I didn't make it to the BicycleSpace ride on Friday because my wife surprised me with dinner reservations and baby sitters but I bet it was a good ride with good ice cream.
The DC area bicycle heat map, based on data from cycling GPS devices. With this and the existing bike counters in Arlington County, you could almost extrapolate counts elsewhere (though it would skew to places where those who have (read:can afford and care to buy) such devices ride).
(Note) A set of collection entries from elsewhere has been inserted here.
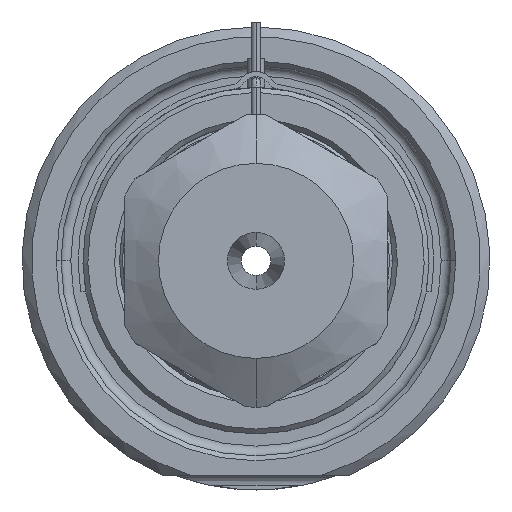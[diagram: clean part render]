
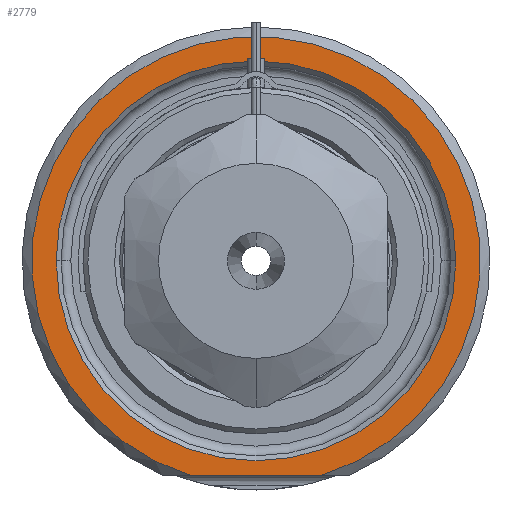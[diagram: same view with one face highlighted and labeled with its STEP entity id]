
A CAD part, front view. The second image highlights one B-rep face of the part: STEP entity #2779.
In plain terms, the highlighted planar face has unit normal (0, -1, 0).
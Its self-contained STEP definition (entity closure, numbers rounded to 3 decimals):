
#1=DIRECTION('',(1.,0.,0.));
#2=VECTOR('',#1,13.416);
#3=CARTESIAN_POINT('',(-6.708,0.,-22.));
#4=LINE('',#3,#2);
#5=CARTESIAN_POINT('',(0.,0.,0.));
#6=DIRECTION('',(0.,1.,0.));
#7=DIRECTION('',(-1.,0.,0.));
#8=AXIS2_PLACEMENT_3D('',#5,#6,#7);
#10=CARTESIAN_POINT('',(0.,0.,0.));
#11=DIRECTION('',(0.,1.,0.));
#12=DIRECTION('',(1.,0.,0.));
#13=AXIS2_PLACEMENT_3D('',#10,#11,#12);
#121=CARTESIAN_POINT('',(0.,0.,0.));
#122=DIRECTION('',(0.,-1.,0.));
#123=DIRECTION('',(0.292,0.,-0.957));
#124=AXIS2_PLACEMENT_3D('',#121,#122,#123);
#2303=CARTESIAN_POINT('',(-20.5,0.,0.));
#2304=CARTESIAN_POINT('',(20.5,0.,0.));
#2305=VERTEX_POINT('',#2303);
#2306=VERTEX_POINT('',#2304);
#2343=CARTESIAN_POINT('',(-6.708,0.,-22.));
#2344=CARTESIAN_POINT('',(6.708,0.,-22.));
#2345=VERTEX_POINT('',#2343);
#2346=VERTEX_POINT('',#2344);
#2762=CARTESIAN_POINT('',(0.,0.,0.));
#2763=DIRECTION('',(0.,-1.,0.));
#2764=DIRECTION('',(1.,0.,0.));
#2765=AXIS2_PLACEMENT_3D('',#2762,#2763,#2764);
#2766=PLANE('',#2765);
#2768=ORIENTED_EDGE('',*,*,#2767,.F.);
#2770=ORIENTED_EDGE('',*,*,#2769,.F.);
#2771=EDGE_LOOP('',(#2768,#2770));
#2772=FACE_OUTER_BOUND('',#2771,.F.);
#2774=ORIENTED_EDGE('',*,*,#2773,.F.);
#2776=ORIENTED_EDGE('',*,*,#2775,.F.);
#2777=EDGE_LOOP('',(#2774,#2776));
#2778=FACE_BOUND('',#2777,.F.);
#2779=ADVANCED_FACE('',(#2772,#2778),#2766,.T.);
#9=CIRCLE('',#8,20.5);
#14=CIRCLE('',#13,20.5);
#125=CIRCLE('',#124,23.);
#2767=EDGE_CURVE('',#2345,#2346,#4,.T.);
#2769=EDGE_CURVE('',#2346,#2345,#125,.T.);
#2773=EDGE_CURVE('',#2305,#2306,#9,.T.);
#2775=EDGE_CURVE('',#2306,#2305,#14,.T.);

The DowntownDC BID and DDOT plan to double the number of bike racks downtown over the next three years. "the BID is focused on providing short-term parking in public space for visitors to buildings, shoppers, and restaurant patrons, while continuing to work with buildings to provide secure, commuter bike parking inside for their tenants. The first installation phase will begin in mid-July and will target the blocks between 6th and 11th streets because of the high level of use in this area. About 200 racks are planned for installation during this first phase, and the majority of work will take place overnight, except where adjacent to residential buildings or hotels."
Montgomery County Councilmember Robert Berliner is concerned that the MCDOT design for Old Georgetown Road between the current Executive Boulevard alignment and Rockville Pike does not include bike lanes or a sidepath as called for in the Sector Plan. "In order to meet the Plan's mode share goals, we should implement multi-modal, complete streets on the front end, not at the end stages of the Plan"
There was a meeting of the Northern Virginia Transportation Authority on June 20th to get input on how to spend $190 million for transportation. "Perhaps the most scrutinized debate will be how many funds are devoted to transit projects, pedestrian or bicycle projects, and how much will simply be devoted to increasing capacity on the roads network....The Northern Virginia Transportation Authority will hold another public hearing July 24 at the Fairfax City Hall before adopting the final fiscal 2014 funding list."
"A plurality of MT readers (33 percent) picked the road lobby as the most effective in the transportation world. Public transit snagged 17 percent and the railroads took 16 percent. Don’t tell Dorothy Rabinowitz, but only 2 percent said the bike/ped lobby was the best."
"People using New York City’s new bike-sharing program have logged more than a million miles in less than a month." At this rate, they'll have had more total miles than CaBi by the end of year 1.